[Excerpts from a dataset]
──────
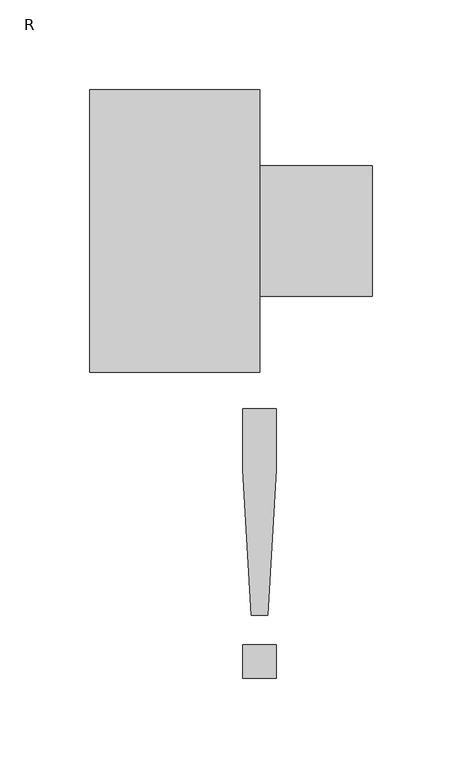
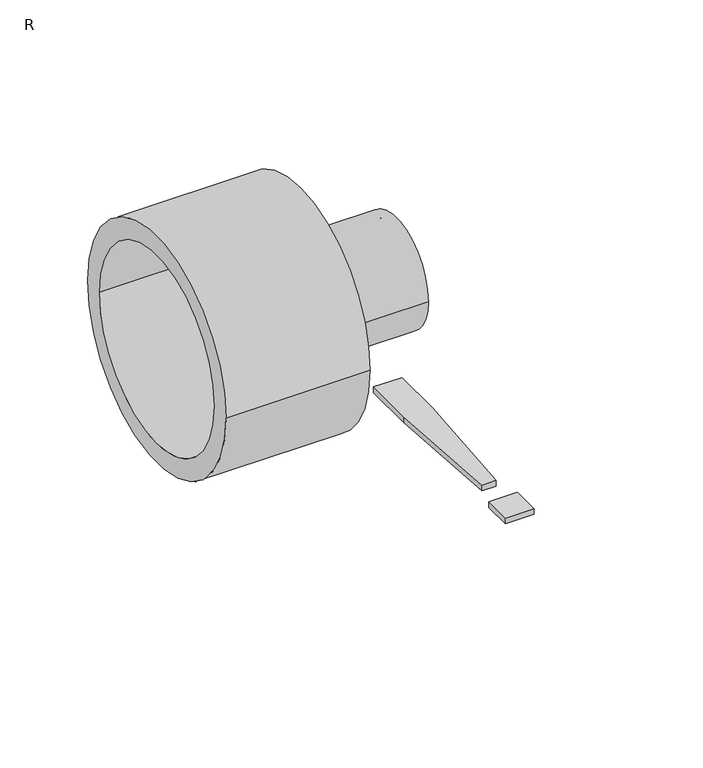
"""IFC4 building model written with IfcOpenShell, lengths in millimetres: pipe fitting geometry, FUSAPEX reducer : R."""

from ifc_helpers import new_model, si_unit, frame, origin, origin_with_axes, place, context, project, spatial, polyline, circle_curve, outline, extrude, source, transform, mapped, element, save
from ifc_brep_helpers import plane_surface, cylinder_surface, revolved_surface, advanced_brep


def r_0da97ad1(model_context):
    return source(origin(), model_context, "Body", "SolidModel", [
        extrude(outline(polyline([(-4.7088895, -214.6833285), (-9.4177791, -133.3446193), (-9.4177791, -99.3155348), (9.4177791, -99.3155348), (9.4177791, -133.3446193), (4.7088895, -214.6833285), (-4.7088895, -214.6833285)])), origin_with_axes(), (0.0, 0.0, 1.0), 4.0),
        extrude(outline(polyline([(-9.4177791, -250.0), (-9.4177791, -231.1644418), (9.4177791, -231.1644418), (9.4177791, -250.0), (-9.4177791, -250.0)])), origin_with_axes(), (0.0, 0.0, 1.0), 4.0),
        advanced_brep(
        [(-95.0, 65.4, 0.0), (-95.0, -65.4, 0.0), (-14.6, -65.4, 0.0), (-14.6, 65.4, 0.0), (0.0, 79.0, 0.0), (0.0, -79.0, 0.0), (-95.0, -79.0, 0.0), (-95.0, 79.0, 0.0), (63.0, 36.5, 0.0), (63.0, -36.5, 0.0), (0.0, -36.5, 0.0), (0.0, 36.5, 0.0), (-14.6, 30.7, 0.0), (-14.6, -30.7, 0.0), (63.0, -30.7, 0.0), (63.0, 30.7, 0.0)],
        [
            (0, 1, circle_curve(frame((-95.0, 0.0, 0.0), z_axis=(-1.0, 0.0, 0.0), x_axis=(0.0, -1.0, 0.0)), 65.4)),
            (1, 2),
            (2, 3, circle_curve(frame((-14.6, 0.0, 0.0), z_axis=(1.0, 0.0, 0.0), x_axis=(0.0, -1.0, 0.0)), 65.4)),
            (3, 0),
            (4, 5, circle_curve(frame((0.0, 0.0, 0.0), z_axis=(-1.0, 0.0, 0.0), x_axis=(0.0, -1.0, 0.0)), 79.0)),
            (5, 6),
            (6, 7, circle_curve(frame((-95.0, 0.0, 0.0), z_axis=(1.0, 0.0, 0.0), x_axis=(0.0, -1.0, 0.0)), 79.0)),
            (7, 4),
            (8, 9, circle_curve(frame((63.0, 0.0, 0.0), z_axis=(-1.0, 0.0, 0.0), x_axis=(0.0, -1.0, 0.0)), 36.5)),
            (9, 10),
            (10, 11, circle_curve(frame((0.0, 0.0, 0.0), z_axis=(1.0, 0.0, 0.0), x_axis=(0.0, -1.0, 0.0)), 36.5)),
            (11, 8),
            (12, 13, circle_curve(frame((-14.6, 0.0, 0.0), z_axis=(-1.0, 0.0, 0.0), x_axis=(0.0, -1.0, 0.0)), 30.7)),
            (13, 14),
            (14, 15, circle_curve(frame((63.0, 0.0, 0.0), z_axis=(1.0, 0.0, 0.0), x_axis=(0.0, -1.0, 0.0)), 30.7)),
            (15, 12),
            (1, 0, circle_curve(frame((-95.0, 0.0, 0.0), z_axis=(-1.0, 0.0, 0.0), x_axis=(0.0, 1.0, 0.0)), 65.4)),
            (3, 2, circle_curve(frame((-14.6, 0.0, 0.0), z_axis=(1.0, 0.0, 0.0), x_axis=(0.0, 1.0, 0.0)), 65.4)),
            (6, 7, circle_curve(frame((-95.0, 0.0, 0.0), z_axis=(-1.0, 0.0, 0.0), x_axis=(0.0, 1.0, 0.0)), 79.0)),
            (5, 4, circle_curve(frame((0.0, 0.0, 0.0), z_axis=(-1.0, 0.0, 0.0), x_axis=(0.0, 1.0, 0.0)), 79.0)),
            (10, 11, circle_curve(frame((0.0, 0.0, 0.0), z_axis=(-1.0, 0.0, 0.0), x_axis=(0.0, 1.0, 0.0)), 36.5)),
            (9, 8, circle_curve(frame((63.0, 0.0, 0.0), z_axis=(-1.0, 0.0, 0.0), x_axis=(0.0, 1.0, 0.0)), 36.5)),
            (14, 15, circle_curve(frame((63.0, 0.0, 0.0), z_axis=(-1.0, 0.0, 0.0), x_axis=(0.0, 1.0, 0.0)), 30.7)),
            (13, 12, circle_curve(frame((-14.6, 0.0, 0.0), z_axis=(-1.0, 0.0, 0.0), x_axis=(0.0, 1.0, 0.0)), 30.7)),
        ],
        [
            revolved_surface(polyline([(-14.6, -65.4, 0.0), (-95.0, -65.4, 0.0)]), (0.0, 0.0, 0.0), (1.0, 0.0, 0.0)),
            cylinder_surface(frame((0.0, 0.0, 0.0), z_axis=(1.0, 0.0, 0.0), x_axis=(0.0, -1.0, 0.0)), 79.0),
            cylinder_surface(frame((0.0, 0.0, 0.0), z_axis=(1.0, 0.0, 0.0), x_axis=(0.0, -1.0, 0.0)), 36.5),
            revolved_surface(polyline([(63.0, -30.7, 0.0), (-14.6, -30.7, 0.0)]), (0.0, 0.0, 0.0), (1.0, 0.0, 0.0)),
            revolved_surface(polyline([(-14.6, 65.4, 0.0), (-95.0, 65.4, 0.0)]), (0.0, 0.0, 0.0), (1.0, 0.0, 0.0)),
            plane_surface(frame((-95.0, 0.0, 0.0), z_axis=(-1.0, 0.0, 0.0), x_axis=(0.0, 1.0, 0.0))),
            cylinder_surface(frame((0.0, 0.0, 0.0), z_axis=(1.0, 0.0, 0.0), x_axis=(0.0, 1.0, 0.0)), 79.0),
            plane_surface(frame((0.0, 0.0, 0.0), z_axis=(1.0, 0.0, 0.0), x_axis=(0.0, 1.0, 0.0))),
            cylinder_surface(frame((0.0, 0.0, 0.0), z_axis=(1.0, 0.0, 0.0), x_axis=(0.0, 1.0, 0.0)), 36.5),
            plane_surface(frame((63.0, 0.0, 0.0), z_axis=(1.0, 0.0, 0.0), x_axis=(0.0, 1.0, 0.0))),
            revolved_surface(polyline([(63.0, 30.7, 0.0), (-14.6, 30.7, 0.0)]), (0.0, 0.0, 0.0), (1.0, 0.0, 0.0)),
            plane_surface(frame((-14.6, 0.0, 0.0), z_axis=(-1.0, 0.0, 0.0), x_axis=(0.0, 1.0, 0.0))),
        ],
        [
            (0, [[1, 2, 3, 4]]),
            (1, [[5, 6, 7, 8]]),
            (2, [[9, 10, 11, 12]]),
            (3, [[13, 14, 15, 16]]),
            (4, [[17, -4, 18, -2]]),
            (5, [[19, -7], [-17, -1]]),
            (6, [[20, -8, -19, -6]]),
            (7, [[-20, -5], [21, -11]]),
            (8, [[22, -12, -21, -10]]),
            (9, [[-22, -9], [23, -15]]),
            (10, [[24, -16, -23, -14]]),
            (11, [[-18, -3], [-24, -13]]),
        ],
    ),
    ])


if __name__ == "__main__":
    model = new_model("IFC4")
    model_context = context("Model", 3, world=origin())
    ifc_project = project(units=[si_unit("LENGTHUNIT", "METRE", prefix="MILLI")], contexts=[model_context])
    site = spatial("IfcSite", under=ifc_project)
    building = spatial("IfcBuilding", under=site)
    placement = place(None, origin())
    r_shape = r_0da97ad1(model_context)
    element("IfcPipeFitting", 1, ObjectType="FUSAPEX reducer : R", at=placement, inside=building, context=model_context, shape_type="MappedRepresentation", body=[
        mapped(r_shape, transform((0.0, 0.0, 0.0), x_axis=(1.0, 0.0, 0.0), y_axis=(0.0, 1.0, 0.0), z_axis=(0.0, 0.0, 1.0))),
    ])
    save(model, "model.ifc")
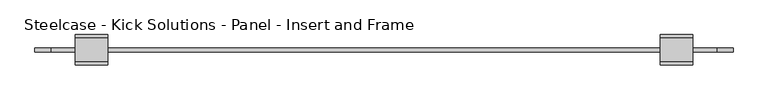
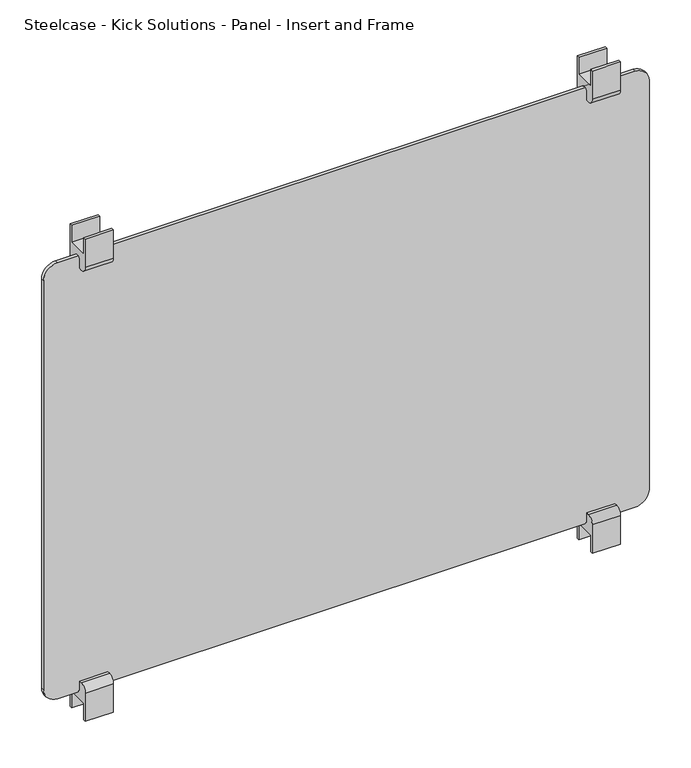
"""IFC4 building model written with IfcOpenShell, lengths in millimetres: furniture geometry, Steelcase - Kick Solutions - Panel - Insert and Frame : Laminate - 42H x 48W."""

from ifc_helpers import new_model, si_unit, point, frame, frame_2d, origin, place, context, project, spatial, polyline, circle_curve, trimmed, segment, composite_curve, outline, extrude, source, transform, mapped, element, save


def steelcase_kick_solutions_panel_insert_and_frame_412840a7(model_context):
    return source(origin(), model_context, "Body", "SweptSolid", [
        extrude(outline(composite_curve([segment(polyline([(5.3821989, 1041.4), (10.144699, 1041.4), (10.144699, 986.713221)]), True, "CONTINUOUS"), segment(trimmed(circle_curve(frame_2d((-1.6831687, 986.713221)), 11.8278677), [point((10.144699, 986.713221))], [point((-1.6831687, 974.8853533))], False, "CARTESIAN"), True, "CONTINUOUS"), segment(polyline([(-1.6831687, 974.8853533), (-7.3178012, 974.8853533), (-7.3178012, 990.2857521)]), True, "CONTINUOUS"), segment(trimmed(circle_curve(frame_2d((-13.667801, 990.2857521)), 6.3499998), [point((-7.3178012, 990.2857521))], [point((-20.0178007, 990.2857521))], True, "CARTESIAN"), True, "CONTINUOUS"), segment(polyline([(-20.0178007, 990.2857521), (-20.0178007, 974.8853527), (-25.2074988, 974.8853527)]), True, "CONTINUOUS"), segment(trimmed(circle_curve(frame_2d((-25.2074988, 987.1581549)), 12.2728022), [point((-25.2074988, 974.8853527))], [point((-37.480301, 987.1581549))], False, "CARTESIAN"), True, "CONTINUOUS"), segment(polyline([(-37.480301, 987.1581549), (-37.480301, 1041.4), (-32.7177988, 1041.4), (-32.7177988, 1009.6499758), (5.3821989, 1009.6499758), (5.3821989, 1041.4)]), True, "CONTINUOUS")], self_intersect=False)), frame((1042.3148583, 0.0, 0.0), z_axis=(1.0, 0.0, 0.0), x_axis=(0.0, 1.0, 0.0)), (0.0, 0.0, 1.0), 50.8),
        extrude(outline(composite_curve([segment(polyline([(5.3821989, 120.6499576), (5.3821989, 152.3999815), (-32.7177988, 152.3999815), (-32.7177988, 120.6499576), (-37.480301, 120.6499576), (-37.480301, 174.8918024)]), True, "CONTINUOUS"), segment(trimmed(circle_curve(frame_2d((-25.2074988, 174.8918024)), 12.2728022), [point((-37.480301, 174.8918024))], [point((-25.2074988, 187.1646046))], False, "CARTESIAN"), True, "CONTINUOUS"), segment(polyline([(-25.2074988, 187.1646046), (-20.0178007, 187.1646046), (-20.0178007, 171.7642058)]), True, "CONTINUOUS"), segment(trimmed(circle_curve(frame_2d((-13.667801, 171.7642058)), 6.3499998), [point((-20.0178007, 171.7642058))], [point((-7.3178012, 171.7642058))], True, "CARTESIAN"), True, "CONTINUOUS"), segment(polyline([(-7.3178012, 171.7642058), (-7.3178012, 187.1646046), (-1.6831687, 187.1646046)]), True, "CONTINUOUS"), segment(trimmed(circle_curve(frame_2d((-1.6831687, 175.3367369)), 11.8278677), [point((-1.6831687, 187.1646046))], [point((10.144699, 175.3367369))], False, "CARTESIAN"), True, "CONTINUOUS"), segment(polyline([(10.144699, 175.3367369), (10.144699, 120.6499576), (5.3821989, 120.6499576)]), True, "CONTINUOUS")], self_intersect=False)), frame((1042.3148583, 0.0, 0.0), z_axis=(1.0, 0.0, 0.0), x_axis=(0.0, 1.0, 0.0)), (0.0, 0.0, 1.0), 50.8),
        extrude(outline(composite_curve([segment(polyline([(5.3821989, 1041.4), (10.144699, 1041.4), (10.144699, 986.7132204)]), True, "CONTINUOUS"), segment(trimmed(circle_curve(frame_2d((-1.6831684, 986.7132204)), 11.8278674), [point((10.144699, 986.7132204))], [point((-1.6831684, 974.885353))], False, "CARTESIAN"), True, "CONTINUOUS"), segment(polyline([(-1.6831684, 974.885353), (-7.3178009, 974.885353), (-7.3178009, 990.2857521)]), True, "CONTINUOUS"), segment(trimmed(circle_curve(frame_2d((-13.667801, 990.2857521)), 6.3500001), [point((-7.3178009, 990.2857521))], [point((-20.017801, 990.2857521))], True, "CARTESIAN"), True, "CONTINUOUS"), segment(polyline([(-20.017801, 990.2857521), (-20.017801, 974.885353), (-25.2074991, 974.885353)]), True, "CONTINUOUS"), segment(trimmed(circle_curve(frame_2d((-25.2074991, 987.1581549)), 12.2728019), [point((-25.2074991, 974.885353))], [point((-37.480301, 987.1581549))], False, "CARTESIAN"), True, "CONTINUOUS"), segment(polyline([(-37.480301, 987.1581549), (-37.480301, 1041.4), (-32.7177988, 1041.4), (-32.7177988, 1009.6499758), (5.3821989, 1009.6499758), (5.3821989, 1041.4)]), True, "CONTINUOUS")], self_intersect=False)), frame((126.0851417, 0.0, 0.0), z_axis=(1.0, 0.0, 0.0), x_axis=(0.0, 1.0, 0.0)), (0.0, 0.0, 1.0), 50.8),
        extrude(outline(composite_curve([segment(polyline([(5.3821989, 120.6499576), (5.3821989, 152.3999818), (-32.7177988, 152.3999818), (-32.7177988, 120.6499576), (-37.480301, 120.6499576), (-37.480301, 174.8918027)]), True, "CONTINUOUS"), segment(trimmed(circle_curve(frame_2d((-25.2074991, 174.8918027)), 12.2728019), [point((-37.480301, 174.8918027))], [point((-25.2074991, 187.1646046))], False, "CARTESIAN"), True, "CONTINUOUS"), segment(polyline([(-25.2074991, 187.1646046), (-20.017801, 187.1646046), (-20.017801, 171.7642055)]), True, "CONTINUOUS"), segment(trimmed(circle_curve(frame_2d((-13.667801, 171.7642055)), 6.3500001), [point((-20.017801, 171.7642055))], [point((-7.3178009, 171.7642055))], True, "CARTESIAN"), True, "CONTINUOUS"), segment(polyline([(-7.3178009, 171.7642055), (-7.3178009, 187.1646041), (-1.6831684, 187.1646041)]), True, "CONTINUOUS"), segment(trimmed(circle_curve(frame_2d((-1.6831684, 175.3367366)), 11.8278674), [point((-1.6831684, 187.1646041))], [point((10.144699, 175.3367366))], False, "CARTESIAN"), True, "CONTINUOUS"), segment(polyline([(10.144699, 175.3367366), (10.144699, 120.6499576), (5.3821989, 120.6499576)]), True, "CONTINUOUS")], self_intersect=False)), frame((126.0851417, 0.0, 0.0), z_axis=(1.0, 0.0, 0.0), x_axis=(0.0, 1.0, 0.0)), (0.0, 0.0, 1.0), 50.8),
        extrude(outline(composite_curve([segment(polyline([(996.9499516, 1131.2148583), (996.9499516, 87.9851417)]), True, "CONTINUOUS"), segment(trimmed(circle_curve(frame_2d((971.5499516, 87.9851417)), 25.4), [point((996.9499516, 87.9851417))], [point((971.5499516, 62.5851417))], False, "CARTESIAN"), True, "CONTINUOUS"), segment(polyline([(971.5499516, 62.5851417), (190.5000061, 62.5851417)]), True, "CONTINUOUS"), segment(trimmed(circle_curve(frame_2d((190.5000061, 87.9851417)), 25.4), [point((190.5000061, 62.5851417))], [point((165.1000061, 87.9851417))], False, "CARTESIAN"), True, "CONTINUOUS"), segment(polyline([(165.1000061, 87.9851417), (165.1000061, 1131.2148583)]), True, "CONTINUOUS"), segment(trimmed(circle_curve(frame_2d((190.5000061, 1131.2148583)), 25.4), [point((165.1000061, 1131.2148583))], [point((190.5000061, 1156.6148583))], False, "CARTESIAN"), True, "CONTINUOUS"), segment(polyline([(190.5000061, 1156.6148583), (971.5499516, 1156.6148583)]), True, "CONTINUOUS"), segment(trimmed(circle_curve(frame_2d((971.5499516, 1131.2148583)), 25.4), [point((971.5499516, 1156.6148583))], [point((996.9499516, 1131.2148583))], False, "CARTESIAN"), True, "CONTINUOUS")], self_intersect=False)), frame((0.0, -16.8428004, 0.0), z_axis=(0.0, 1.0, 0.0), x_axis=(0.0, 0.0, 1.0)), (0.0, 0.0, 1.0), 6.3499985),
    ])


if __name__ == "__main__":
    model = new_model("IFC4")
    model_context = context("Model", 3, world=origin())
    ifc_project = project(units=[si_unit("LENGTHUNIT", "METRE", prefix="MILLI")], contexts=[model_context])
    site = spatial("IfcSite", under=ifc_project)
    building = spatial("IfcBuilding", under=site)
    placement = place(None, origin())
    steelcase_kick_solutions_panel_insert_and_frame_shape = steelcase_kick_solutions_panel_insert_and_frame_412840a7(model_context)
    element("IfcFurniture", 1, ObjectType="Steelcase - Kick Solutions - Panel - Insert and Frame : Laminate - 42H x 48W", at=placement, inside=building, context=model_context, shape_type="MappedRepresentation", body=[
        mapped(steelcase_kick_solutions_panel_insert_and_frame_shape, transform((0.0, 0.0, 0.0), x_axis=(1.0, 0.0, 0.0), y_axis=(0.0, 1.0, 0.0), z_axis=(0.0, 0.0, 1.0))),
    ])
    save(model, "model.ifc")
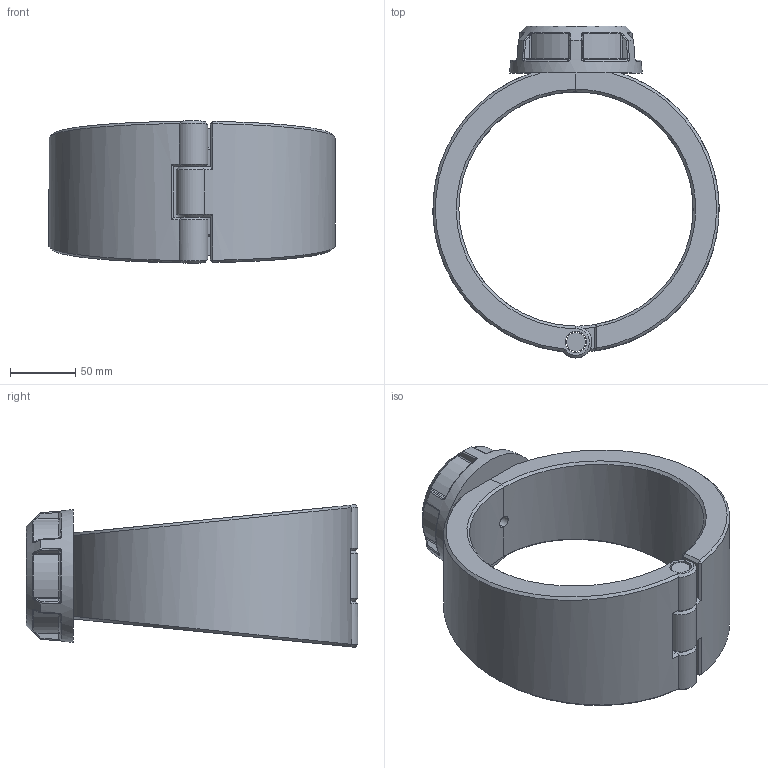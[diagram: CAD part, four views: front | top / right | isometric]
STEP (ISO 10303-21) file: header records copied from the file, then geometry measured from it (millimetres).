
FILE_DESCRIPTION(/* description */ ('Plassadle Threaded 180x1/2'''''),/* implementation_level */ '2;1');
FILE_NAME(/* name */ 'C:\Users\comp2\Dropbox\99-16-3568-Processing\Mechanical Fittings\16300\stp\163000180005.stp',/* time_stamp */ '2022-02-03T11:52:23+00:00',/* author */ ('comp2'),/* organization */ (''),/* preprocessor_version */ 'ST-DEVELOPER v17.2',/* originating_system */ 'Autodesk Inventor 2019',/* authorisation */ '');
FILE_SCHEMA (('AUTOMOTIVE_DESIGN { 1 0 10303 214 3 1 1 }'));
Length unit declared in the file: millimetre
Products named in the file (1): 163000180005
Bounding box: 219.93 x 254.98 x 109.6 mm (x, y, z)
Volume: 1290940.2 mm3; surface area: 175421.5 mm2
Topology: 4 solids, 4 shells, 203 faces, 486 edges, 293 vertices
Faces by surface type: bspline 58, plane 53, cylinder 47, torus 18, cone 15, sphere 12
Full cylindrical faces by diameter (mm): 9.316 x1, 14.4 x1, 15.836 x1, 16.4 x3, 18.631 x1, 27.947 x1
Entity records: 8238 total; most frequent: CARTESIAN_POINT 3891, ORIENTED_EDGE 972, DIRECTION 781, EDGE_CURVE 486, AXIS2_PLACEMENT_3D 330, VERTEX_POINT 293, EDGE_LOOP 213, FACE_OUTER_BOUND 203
──────
Your task >> Determine the number of lines in the data above that include the word "inside", then answer with that number alone.

Result >> 2